### SOURCE MATERIAL

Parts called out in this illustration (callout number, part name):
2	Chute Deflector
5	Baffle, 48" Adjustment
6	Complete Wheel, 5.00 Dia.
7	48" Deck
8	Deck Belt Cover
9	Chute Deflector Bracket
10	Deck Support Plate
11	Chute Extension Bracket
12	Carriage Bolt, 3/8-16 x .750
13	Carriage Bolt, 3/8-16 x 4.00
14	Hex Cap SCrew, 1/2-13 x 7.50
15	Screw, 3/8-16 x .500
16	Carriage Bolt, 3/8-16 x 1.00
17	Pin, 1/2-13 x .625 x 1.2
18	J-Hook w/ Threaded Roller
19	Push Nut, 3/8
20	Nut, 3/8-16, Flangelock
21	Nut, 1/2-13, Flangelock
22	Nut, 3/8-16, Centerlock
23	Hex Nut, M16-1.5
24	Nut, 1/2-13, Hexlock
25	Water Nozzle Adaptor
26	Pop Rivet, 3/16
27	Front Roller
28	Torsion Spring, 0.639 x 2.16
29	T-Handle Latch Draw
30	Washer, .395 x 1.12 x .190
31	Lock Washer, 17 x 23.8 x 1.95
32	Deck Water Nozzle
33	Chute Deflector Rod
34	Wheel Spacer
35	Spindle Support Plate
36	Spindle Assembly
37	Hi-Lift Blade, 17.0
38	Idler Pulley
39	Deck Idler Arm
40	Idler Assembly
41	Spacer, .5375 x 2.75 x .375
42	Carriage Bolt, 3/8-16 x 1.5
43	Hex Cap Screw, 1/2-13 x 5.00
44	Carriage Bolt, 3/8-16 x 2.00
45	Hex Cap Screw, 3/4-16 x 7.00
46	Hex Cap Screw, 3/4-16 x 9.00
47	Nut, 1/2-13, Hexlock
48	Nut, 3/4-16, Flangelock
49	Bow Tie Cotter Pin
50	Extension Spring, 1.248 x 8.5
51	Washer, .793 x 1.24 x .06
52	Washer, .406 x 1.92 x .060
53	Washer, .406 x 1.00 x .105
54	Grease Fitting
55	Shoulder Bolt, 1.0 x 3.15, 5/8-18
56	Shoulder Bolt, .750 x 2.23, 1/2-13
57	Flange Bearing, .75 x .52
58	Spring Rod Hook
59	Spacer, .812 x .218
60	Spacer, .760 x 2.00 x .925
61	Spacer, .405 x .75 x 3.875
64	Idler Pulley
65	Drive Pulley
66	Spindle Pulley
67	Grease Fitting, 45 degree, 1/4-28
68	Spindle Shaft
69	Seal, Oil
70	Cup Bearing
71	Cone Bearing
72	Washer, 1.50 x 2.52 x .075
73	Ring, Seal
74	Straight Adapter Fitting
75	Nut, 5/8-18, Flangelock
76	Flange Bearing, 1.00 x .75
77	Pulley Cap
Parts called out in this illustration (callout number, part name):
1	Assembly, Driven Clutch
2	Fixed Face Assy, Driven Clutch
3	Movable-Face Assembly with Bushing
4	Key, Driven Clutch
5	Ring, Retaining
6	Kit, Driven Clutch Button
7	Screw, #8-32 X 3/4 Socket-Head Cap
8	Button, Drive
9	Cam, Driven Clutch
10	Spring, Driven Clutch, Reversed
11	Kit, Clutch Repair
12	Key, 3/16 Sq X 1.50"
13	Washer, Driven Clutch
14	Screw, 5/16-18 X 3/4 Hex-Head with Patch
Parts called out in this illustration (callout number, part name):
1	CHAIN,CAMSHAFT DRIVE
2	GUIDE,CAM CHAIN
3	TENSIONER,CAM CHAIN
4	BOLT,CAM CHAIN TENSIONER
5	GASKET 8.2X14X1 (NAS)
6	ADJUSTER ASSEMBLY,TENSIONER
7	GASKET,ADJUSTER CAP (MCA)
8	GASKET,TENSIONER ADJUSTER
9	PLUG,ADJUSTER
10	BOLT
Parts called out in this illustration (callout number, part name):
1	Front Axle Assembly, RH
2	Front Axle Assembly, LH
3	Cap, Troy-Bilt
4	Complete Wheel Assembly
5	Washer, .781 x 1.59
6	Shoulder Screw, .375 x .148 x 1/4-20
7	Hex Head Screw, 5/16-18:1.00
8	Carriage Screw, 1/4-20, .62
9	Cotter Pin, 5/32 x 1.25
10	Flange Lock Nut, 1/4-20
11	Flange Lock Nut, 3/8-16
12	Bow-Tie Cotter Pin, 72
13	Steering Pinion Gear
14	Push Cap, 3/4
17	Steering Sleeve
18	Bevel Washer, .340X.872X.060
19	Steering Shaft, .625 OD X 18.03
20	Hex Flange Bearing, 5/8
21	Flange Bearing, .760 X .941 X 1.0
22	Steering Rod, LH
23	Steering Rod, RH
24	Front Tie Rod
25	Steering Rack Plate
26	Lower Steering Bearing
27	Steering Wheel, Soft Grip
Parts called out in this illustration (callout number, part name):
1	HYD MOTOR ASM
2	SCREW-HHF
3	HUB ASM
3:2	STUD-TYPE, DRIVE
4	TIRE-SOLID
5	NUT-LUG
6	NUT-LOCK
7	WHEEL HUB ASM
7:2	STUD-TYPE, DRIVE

######

Report, for the data above, every line in which the string "Deck" appears.

» ANSWER SPACE
7	48" Deck
8	Deck Belt Cover
10	Deck Support Plate
32	Deck Water Nozzle
39	Deck Idler Arm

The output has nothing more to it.